Segment Start: Given records

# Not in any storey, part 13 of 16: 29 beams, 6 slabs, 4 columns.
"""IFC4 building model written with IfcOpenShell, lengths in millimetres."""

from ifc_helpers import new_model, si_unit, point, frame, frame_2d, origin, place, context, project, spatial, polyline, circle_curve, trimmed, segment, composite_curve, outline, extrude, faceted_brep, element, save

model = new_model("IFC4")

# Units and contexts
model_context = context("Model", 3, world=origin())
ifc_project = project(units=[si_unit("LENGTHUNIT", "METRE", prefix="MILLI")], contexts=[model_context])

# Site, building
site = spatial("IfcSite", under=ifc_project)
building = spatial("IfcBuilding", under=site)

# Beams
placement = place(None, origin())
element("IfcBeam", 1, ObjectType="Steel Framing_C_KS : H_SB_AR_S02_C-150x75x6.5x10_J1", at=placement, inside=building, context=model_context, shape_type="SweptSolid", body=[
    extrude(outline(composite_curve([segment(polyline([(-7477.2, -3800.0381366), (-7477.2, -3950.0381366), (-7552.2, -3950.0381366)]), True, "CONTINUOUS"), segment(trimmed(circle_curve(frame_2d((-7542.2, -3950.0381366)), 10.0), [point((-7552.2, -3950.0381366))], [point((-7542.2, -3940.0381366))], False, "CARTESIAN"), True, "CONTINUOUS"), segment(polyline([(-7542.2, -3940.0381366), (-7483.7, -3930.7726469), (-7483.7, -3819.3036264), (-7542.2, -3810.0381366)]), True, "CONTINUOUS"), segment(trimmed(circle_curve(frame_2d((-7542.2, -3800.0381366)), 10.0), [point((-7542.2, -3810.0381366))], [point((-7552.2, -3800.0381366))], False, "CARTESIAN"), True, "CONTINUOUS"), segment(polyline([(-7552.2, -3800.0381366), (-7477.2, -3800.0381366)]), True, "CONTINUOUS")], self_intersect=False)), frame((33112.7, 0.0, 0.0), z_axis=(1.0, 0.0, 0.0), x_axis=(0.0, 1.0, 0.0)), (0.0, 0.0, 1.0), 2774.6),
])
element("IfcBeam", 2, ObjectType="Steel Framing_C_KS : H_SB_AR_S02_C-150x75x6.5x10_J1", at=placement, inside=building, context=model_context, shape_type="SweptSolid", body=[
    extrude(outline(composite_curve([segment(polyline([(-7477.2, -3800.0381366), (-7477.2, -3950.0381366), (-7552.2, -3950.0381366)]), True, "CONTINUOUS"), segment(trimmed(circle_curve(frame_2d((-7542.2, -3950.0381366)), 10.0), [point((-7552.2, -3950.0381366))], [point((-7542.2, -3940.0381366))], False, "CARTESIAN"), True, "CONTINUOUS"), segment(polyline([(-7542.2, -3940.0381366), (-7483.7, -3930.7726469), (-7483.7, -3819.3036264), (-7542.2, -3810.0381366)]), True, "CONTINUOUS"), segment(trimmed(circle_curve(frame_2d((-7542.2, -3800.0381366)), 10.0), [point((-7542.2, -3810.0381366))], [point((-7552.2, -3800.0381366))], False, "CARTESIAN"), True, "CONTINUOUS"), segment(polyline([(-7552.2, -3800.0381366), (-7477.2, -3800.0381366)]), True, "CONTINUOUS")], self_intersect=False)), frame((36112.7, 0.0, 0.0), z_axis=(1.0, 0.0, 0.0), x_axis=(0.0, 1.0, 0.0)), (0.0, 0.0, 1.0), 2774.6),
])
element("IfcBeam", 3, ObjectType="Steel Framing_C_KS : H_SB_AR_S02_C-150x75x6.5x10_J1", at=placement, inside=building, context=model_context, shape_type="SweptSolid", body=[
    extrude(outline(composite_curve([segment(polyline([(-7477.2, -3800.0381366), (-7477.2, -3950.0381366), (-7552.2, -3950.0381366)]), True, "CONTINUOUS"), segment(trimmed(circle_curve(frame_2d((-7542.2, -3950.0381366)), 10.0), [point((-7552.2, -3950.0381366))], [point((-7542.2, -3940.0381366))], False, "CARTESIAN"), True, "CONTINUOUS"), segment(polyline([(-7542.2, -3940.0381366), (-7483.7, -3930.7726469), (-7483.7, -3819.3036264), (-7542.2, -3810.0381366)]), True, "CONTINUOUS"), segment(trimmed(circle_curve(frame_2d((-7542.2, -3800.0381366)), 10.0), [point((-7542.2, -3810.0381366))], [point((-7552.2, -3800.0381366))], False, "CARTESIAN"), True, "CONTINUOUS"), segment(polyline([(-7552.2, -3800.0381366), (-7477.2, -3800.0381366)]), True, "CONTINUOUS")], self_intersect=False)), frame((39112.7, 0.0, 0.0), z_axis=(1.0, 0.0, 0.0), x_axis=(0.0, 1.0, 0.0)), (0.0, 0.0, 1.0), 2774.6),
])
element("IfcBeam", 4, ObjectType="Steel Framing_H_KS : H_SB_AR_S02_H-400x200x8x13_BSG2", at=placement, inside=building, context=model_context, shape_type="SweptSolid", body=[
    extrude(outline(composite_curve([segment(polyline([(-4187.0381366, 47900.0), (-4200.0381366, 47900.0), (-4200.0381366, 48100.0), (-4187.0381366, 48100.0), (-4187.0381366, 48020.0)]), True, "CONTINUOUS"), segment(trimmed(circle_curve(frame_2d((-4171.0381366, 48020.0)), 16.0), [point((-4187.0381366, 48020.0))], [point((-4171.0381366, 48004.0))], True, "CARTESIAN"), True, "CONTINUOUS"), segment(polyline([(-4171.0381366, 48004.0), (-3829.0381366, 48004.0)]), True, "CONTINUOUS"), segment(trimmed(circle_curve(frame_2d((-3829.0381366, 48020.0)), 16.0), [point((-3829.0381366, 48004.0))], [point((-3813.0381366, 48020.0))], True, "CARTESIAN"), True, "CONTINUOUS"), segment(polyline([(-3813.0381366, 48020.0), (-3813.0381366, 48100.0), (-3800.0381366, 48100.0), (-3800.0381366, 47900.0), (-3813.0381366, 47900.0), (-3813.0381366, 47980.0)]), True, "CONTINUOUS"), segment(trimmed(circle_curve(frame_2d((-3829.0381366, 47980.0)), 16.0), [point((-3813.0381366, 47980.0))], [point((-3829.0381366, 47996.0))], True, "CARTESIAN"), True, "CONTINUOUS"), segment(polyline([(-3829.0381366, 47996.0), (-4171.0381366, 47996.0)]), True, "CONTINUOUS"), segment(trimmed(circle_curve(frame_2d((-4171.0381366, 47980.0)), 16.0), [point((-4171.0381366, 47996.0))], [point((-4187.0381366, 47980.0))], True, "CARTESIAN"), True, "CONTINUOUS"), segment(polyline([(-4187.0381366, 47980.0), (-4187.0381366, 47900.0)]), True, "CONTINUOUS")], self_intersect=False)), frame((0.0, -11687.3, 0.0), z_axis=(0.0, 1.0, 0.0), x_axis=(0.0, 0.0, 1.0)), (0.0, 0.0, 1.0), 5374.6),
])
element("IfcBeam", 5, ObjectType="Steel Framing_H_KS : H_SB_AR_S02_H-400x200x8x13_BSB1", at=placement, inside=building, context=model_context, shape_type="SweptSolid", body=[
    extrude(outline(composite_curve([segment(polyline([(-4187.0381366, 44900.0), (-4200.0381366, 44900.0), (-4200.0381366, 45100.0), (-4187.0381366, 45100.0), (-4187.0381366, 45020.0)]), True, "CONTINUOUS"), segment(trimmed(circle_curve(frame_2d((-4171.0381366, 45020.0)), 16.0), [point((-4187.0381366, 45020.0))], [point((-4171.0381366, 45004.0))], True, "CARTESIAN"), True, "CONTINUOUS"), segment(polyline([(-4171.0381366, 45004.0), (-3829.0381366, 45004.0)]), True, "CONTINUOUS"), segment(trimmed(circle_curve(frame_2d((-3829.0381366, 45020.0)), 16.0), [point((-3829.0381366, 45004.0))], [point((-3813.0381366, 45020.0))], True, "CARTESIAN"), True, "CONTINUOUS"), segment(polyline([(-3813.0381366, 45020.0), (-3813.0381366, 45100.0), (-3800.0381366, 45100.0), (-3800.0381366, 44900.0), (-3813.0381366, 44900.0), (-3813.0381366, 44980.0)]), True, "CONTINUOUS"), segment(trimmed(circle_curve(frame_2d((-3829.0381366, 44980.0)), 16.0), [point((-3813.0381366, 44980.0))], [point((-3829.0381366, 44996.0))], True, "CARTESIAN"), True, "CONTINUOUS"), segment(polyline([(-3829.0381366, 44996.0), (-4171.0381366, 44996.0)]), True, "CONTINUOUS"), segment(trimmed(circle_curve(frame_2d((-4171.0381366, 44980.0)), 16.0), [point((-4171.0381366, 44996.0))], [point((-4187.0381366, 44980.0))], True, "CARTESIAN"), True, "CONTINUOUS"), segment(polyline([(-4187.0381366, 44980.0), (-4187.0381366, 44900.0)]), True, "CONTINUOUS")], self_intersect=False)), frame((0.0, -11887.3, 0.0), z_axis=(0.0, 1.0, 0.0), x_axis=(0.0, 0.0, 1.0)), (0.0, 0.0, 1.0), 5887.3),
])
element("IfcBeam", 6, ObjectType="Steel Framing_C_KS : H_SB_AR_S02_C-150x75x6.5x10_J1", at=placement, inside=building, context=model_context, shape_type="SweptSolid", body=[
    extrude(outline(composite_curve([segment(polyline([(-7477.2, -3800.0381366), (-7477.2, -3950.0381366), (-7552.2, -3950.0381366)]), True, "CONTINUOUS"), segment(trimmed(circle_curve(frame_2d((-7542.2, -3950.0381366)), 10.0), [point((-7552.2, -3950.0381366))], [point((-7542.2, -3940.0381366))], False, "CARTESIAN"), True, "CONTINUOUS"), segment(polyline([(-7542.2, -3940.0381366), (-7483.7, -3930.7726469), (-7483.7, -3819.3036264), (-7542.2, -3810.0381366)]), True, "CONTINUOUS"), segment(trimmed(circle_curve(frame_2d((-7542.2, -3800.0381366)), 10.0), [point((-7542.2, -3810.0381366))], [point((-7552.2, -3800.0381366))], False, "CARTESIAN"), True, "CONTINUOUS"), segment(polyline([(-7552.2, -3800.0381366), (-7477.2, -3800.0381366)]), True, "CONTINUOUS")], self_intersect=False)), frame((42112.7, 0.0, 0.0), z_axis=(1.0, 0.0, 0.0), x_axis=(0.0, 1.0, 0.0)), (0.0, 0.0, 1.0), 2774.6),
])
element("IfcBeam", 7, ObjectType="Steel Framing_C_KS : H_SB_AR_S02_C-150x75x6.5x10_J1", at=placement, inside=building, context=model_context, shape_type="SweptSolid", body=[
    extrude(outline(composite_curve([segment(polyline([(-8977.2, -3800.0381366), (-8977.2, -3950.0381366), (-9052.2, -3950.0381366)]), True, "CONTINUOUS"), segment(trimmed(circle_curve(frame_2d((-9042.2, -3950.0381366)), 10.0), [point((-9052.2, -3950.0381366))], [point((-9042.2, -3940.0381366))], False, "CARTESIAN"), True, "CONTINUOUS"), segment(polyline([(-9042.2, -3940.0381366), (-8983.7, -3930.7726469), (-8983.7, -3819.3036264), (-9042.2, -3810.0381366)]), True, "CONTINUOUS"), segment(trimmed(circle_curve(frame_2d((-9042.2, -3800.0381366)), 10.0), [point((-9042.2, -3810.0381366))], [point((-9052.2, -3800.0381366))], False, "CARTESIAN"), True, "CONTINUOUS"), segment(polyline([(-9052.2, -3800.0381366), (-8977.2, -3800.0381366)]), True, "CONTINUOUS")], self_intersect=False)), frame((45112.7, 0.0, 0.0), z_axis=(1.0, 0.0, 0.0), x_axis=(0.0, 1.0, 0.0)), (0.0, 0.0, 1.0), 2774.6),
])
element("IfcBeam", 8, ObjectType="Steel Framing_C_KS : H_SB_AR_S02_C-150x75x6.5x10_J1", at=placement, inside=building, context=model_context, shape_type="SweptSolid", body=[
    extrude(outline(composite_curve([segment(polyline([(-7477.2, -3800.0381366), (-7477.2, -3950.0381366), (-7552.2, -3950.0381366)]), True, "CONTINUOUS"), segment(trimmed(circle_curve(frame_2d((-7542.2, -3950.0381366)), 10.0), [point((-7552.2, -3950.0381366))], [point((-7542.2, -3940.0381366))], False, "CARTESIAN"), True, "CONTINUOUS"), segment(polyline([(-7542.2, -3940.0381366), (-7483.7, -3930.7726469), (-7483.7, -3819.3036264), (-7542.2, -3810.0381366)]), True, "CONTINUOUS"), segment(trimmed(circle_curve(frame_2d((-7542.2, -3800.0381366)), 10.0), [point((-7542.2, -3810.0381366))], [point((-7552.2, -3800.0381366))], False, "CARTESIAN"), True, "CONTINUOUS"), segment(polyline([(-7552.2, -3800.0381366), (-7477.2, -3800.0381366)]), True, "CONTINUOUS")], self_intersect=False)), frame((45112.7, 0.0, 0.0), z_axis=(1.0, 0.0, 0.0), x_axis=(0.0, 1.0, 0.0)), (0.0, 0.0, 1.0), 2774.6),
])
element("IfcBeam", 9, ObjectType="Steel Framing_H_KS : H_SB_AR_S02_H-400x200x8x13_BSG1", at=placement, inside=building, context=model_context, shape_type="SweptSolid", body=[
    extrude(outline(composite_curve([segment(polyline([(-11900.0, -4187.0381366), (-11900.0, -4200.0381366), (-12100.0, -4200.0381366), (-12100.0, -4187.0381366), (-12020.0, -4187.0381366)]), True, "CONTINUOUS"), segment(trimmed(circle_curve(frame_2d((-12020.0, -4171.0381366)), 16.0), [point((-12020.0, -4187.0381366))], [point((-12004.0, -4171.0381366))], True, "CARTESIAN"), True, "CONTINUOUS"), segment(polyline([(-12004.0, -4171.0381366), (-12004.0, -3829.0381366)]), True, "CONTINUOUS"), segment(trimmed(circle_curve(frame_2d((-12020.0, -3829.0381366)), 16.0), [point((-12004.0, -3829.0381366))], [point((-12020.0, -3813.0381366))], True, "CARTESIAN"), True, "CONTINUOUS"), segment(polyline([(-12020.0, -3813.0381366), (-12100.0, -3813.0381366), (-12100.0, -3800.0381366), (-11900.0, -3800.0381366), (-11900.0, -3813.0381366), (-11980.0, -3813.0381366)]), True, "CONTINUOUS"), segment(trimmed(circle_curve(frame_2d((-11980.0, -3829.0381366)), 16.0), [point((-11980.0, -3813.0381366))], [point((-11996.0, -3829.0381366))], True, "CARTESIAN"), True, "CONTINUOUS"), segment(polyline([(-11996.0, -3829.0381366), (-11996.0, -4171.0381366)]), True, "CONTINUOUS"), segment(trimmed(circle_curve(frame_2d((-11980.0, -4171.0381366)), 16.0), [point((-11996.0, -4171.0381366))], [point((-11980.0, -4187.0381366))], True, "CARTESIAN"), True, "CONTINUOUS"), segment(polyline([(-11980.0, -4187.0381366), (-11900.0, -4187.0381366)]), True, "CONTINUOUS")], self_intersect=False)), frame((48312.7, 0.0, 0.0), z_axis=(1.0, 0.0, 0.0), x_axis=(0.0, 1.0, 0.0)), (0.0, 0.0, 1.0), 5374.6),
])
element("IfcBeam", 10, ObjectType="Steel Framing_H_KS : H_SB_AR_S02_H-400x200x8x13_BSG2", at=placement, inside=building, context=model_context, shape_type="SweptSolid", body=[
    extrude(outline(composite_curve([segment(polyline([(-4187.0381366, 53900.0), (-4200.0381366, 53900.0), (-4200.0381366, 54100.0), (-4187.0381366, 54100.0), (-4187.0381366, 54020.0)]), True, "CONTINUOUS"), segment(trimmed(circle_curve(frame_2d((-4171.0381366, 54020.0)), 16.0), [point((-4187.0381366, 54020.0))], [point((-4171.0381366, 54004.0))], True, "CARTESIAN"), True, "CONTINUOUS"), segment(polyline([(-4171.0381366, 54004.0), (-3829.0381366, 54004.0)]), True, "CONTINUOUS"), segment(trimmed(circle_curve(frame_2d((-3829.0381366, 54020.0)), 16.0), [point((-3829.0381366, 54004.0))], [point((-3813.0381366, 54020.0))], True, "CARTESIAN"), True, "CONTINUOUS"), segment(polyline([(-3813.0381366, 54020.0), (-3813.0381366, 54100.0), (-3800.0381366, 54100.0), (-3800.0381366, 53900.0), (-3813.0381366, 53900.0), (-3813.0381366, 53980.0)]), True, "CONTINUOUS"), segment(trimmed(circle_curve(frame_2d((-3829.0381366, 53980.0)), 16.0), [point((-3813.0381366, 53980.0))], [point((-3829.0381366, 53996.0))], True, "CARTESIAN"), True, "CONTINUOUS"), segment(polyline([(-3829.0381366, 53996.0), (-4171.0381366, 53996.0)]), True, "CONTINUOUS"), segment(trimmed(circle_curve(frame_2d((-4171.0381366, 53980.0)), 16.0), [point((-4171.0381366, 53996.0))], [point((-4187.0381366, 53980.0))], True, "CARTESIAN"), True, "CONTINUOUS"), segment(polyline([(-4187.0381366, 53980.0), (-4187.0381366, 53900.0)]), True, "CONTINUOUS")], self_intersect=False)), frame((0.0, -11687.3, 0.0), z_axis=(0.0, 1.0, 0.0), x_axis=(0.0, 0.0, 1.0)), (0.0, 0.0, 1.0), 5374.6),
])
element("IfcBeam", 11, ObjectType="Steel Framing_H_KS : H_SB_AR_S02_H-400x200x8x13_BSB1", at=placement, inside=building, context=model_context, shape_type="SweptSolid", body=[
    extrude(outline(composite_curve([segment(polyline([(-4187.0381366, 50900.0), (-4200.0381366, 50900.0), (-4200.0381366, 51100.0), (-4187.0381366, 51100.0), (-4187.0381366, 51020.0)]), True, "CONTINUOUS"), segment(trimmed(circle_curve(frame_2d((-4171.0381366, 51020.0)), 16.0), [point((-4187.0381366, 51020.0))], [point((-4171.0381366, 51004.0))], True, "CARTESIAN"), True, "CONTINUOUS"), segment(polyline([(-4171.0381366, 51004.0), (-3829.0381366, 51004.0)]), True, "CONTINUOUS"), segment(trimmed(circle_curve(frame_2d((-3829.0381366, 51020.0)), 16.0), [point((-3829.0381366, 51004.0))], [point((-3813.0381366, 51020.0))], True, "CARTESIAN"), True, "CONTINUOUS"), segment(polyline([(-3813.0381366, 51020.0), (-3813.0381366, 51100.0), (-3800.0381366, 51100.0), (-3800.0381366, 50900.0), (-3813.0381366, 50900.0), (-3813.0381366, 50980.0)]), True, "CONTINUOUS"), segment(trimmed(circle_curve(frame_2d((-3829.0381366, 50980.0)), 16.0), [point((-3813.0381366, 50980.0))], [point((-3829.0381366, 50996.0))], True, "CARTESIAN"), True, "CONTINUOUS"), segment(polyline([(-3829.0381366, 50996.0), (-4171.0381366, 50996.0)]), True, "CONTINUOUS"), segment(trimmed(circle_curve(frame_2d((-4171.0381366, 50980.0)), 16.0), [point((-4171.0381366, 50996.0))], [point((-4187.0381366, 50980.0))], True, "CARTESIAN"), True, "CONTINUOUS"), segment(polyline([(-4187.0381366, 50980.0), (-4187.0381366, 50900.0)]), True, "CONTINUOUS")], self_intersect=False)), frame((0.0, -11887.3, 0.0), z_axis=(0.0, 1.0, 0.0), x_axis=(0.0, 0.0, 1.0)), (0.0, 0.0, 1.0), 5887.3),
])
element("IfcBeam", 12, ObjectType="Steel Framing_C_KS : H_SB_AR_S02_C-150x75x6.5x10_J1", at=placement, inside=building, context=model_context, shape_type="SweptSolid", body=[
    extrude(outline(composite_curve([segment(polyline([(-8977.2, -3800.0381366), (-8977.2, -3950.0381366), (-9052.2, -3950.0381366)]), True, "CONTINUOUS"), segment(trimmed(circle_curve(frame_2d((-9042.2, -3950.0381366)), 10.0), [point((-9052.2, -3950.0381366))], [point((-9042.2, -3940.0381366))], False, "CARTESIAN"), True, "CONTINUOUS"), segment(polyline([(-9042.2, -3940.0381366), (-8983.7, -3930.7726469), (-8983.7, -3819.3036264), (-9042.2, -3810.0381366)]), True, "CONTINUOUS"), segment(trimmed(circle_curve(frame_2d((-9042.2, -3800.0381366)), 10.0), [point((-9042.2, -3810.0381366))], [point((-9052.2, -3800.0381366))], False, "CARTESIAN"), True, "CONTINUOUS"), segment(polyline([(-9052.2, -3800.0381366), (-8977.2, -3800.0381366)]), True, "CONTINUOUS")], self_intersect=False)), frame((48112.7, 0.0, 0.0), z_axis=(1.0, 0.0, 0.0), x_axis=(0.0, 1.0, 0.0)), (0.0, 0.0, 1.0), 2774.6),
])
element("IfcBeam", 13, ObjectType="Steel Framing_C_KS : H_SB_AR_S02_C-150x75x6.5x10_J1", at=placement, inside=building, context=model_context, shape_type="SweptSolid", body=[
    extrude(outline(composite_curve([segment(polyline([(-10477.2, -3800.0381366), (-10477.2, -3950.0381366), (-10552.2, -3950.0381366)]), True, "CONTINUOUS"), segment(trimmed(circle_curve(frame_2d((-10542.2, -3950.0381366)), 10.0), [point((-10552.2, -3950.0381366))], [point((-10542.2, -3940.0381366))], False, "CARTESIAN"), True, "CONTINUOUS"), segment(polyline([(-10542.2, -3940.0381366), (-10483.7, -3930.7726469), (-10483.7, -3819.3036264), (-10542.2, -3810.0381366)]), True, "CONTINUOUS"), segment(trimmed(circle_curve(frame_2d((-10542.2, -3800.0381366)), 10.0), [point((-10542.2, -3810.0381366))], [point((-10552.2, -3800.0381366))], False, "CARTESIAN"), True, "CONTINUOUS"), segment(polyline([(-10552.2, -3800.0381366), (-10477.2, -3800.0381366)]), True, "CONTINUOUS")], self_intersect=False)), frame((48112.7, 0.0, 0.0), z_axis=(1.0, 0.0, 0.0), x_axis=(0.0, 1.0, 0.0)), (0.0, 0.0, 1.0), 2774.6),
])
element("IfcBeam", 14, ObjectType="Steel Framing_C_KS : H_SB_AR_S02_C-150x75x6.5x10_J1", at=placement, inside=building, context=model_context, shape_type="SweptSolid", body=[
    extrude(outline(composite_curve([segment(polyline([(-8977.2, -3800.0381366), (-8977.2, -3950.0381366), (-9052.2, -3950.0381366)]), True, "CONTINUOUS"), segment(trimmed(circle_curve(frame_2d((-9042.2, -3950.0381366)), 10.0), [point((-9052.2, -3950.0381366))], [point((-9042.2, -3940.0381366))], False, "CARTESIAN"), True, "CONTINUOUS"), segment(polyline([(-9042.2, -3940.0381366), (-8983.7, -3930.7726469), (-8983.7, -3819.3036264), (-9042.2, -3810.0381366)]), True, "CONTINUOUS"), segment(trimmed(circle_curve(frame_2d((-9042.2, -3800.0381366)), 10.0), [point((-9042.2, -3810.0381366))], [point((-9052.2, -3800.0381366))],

Segment End: Given records

- [Problem statement] The lines you return should be those above that contain the word "under", every one of them.

- [Expected output]
site = spatial("IfcSite", under=ifc_project)
building = spatial("IfcBuilding", under=site)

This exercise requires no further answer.